#### Exercise requirements
Transcribe the entries below exactly from their first line through the line containing "#7620=EDGE_CURVE('P5A-BBBMM-HN-SI[2]',#15525,#14160,#18209,.T.);", and let no picture into the copy.

□ □ □ □ □

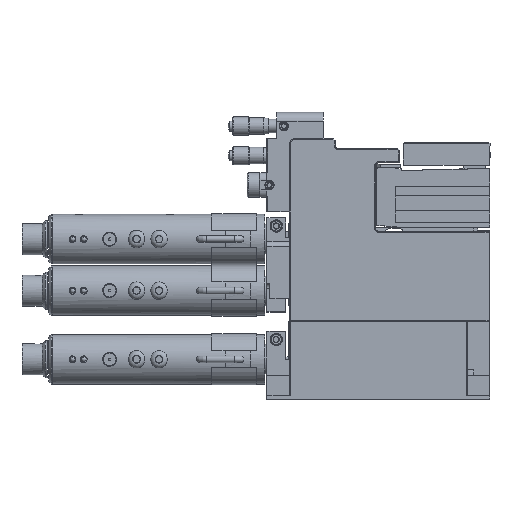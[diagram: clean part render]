
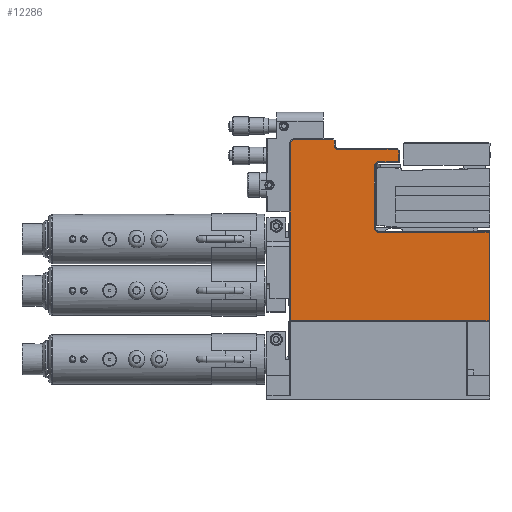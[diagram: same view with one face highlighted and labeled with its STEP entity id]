
A CAD part, top view. The second image highlights one B-rep face of the part: STEP entity #12286.
In plain terms, the highlighted planar face has unit normal (0, 0, 1).
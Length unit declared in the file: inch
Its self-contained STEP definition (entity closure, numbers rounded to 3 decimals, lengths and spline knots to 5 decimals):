
#4070=EDGE_CURVE('P5A-BBBMM-HN-SI[2]',#13008,#13009,#13010,.T.);
#5024=EDGE_CURVE('P5A-BBBMM-HN-SI[2]',#14160,#14513,#14514,.T.);
#5055=EDGE_CURVE('P5A-BBBMM-HN-SI[2]',#14557,#14558,#14559,.T.);
#5125=EDGE_CURVE('P5A-BBBMM-HN-SI[2]',#14671,#14558,#14672,.T.);
#5718=EDGE_CURVE('P5A-BBBMM-HN-SI[2]',#15524,#15525,#15526,.T.);
#5827=EDGE_CURVE('P5A-BBBMM-HN-SI[2]',#15681,#15682,#15683,.F.);
#6258=EDGE_CURVE('P5A-BBBMM-HN-SI[2]',#14528,#16315,#16316,.T.);
#6444=EDGE_CURVE('P5A-BBBMM-HN-SI[2]',#13009,#14557,#16578,.T.);
#7557=EDGE_CURVE('P5A-BBBMM-HN-SI[2]',#14513,#13157,#18116,.T.);
#7620=EDGE_CURVE('P5A-BBBMM-HN-SI[2]',#15525,#14160,#18209,.T.);
#9687=EDGE_CURVE('P5A-BBBMM-HN-SI[2]',#19294,#17768,#20830,.T.);
#10885=EDGE_CURVE('P5A-BBBMM-HN-SI[2]',#17768,#13008,#22313,.T.);
#11119=EDGE_CURVE('P5A-BBBMM-HN-SI[2]',#15682,#15524,#22603,.T.);
#12056=EDGE_CURVE('P5A-BBBMM-HN-SI[2]',#13157,#14528,#23729,.T.);
#12128=EDGE_CURVE('P5A-BBBMM-HN-SI[2]',#14671,#15681,#23814,.T.);
#12286=ADVANCED_FACE('P5A-BBBMM-HN-SI[2]',(#24000),#24001,.T.);
#12326=EDGE_CURVE('P5A-BBBMM-HN-SI[2]',#16315,#19294,#24048,.T.);
#13008=VERTEX_POINT('',#25194);
#13009=VERTEX_POINT('',#25195);
#13010=CIRCLE('',#25196,0.085);
#13157=VERTEX_POINT('',#25471);
#14160=VERTEX_POINT('',#27074);
#14513=VERTEX_POINT('',#27711);
#14514=CIRCLE('',#27712,0.085);
#14528=VERTEX_POINT('',#27730);
#14557=VERTEX_POINT('',#27772);
#14558=VERTEX_POINT('',#27773);
#14559=LINE('',#27774,#27775);
#14671=VERTEX_POINT('',#27942);
#14672=LINE('',#27943,#27944);
#15524=VERTEX_POINT('',#29362);
#15525=VERTEX_POINT('',#29363);
#15526=LINE('',#29364,#29365);
#15681=VERTEX_POINT('',#29666);
#15682=VERTEX_POINT('',#29667);
#15683=CIRCLE('',#29668,0.11);
#16315=VERTEX_POINT('',#30586);
#16316=LINE('',#30587,#30588);
#16578=LINE('',#31125,#31126);
#17768=VERTEX_POINT('',#33239);
#18116=LINE('',#33776,#33777);
#18209=LINE('',#34324,#34325);
#19294=VERTEX_POINT('',#36689);
#20830=CIRCLE('',#39614,0.085);
#22313=LINE('',#42816,#42817);
#22603=LINE('',#43308,#43309);
#23729=LINE('',#45950,#45951);
#23814=LINE('',#46125,#46126);
#24000=FACE_OUTER_BOUND('',#46504,.T.);
#24001=PLANE('',#46505);
#24048=LINE('',#46586,#46587);
#25194=CARTESIAN_POINT('',(-3.33,-2.235,0.875));
#25195=CARTESIAN_POINT('',(-3.245,-2.32,0.875));
#25196=AXIS2_PLACEMENT_3D('',#48356,#48357,#48358);
#25471=CARTESIAN_POINT('',(-2.87328,-0.645,0.875));
#27074=CARTESIAN_POINT('',(-4.145,-0.56,0.875));
#27711=CARTESIAN_POINT('',(-4.06,-0.645,0.875));
#27712=AXIS2_PLACEMENT_3D('',#49782,#49783,#49784);
#27730=CARTESIAN_POINT('',(-2.845,-0.67328,0.875));
#27772=CARTESIAN_POINT('',(-1.02,-2.32,0.875));
#27773=CARTESIAN_POINT('',(-1.02,-4.1,0.875));
#27774=CARTESIAN_POINT('',(-1.02,-3.485,0.875));
#27775=VECTOR('',#49843,1.0);
#27942=CARTESIAN_POINT('',(-5.03,-4.1,0.875));
#27943=CARTESIAN_POINT('',(-3.025,-4.1,0.875));
#27944=VECTOR('',#49976,1.0);
#29362=CARTESIAN_POINT('',(-4.17328,-0.44,0.875));
#29363=CARTESIAN_POINT('',(-4.145,-0.46828,0.875));
#29364=CARTESIAN_POINT('',(-3.23914,-1.37414,0.875));
#29365=VECTOR('',#50896,1.0);
#29666=CARTESIAN_POINT('',(-5.03,-0.55,0.875));
#29667=CARTESIAN_POINT('',(-4.92,-0.44,0.875));
#29668=AXIS2_PLACEMENT_3D('',#51025,#51026,#51027);
#30586=CARTESIAN_POINT('',(-2.845,-0.895,0.875));
#30587=CARTESIAN_POINT('',(-2.845,-1.875,0.875));
#30588=VECTOR('',#51715,1.0);
#31125=CARTESIAN_POINT('',(-2.07125,-2.32,0.875));
#31126=VECTOR('',#51971,1.0);
#33239=CARTESIAN_POINT('',(-3.33,-0.98,0.875));
#33776=CARTESIAN_POINT('',(-3.225,-0.645,0.875));
#33777=VECTOR('',#53607,1.0);
#34324=CARTESIAN_POINT('',(-4.145,-1.74875,0.875));
#34325=VECTOR('',#53712,1.0);
#36689=CARTESIAN_POINT('',(-3.245,-0.895,0.875));
#39614=AXIS2_PLACEMENT_3D('',#56815,#56816,#56817);
#42816=CARTESIAN_POINT('',(-3.33,-2.29125,0.875));
#42817=VECTOR('',#58708,1.0);
#43308=CARTESIAN_POINT('',(-3.025,-0.44,0.875));
#43309=VECTOR('',#59068,1.0);
#45950=CARTESIAN_POINT('',(-2.31539,-1.20289,0.875));
#45951=VECTOR('',#60495,1.0);
#46125=CARTESIAN_POINT('',(-5.03,-1.73232,0.875));
#46126=VECTOR('',#60609,1.0);
#46504=EDGE_LOOP('',(#60843,#60844,#60845,#60846,#60847,#60848,#60849,#60850,#60851,#60852,#60853,#60854,#60855,#60856,#60857,#60858));
#46505=AXIS2_PLACEMENT_3D('',#60859,#60860,#60861);
#46586=CARTESIAN_POINT('',(-3.02375,-0.895,0.875));
#46587=VECTOR('',#60903,1.0);
#48356=CARTESIAN_POINT('',(-3.245,-2.235,0.875));
#48357=DIRECTION('',(0.0,0.0,1.0));
#48358=DIRECTION('',(-0.707,-0.707,0.0));
#49782=CARTESIAN_POINT('',(-4.06,-0.56,0.875));
#49783=DIRECTION('',(0.0,0.0,1.0));
#49784=DIRECTION('',(-0.707,-0.707,0.0));
#49843=DIRECTION('',(0.0,-1.0,-0.0));
#49976=DIRECTION('',(1.0,0.0,0.0));
#50896=DIRECTION('',(0.707,-0.707,0.0));
#51025=CARTESIAN_POINT('',(-4.92,-0.55,0.875));
#51026=DIRECTION('',(0.0,0.0,1.0));
#51027=DIRECTION('',(-0.707,0.707,0.0));
#51715=DIRECTION('',(0.0,-1.0,0.0));
#51971=DIRECTION('',(1.0,0.0,0.0));
#53607=DIRECTION('',(1.0,0.0,0.0));
#53712=DIRECTION('',(0.0,-1.0,-0.0));
#56815=CARTESIAN_POINT('',(-3.245,-0.98,0.875));
#56816=DIRECTION('',(0.0,0.0,1.0));
#56817=DIRECTION('',(-0.707,0.707,0.0));
#58708=DIRECTION('',(0.0,-1.0,0.0));
#59068=DIRECTION('',(1.0,0.0,0.0));
#60495=DIRECTION('',(0.707,-0.707,0.0));
#60609=DIRECTION('',(0.0,1.0,0.0));
#60843=ORIENTED_EDGE('',*,*,#11119,.F.);
#60844=ORIENTED_EDGE('',*,*,#5827,.F.);
#60845=ORIENTED_EDGE('',*,*,#12128,.F.);
#60846=ORIENTED_EDGE('',*,*,#5125,.T.);
#60847=ORIENTED_EDGE('',*,*,#5055,.F.);
#60848=ORIENTED_EDGE('',*,*,#6444,.F.);
#60849=ORIENTED_EDGE('',*,*,#4070,.F.);
#60850=ORIENTED_EDGE('',*,*,#10885,.F.);
#60851=ORIENTED_EDGE('',*,*,#9687,.F.);
#60852=ORIENTED_EDGE('',*,*,#12326,.F.);
#60853=ORIENTED_EDGE('',*,*,#6258,.F.);
#60854=ORIENTED_EDGE('',*,*,#12056,.F.);
#60855=ORIENTED_EDGE('',*,*,#7557,.F.);
#60856=ORIENTED_EDGE('',*,*,#5024,.F.);
#60857=ORIENTED_EDGE('',*,*,#7620,.F.);
#60858=ORIENTED_EDGE('',*,*,#5718,.F.);
#60859=CARTESIAN_POINT('',(-3.025,-3.0,0.875));
#60860=DIRECTION('',(0.0,0.0,1.0));
#60861=DIRECTION('',(0.0,-1.0,0.0));
#60903=DIRECTION('',(-1.0,0.0,0.0));

□ □ □ □ □

#### Written response
[diagram: clean part render]
[diagram: same view with one face highlighted and labeled with its STEP entity id]
A CAD part, top view. The second image highlights one B-rep face of the part: STEP entity #12286.
In plain terms, the highlighted planar face has unit normal (0, 0, 1).
Length unit declared in the file: inch
Its self-contained STEP definition (entity closure, numbers rounded to 3 decimals, lengths and spline knots to 5 decimals):
#4070=EDGE_CURVE('P5A-BBBMM-HN-SI[2]',#13008,#13009,#13010,.T.);
#5024=EDGE_CURVE('P5A-BBBMM-HN-SI[2]',#14160,#14513,#14514,.T.);
#5055=EDGE_CURVE('P5A-BBBMM-HN-SI[2]',#14557,#14558,#14559,.T.);
#5125=EDGE_CURVE('P5A-BBBMM-HN-SI[2]',#14671,#14558,#14672,.T.);
#5718=EDGE_CURVE('P5A-BBBMM-HN-SI[2]',#15524,#15525,#15526,.T.);
#5827=EDGE_CURVE('P5A-BBBMM-HN-SI[2]',#15681,#15682,#15683,.F.);
#6258=EDGE_CURVE('P5A-BBBMM-HN-SI[2]',#14528,#16315,#16316,.T.);
#6444=EDGE_CURVE('P5A-BBBMM-HN-SI[2]',#13009,#14557,#16578,.T.);
#7557=EDGE_CURVE('P5A-BBBMM-HN-SI[2]',#14513,#13157,#18116,.T.);
#7620=EDGE_CURVE('P5A-BBBMM-HN-SI[2]',#15525,#14160,#18209,.T.);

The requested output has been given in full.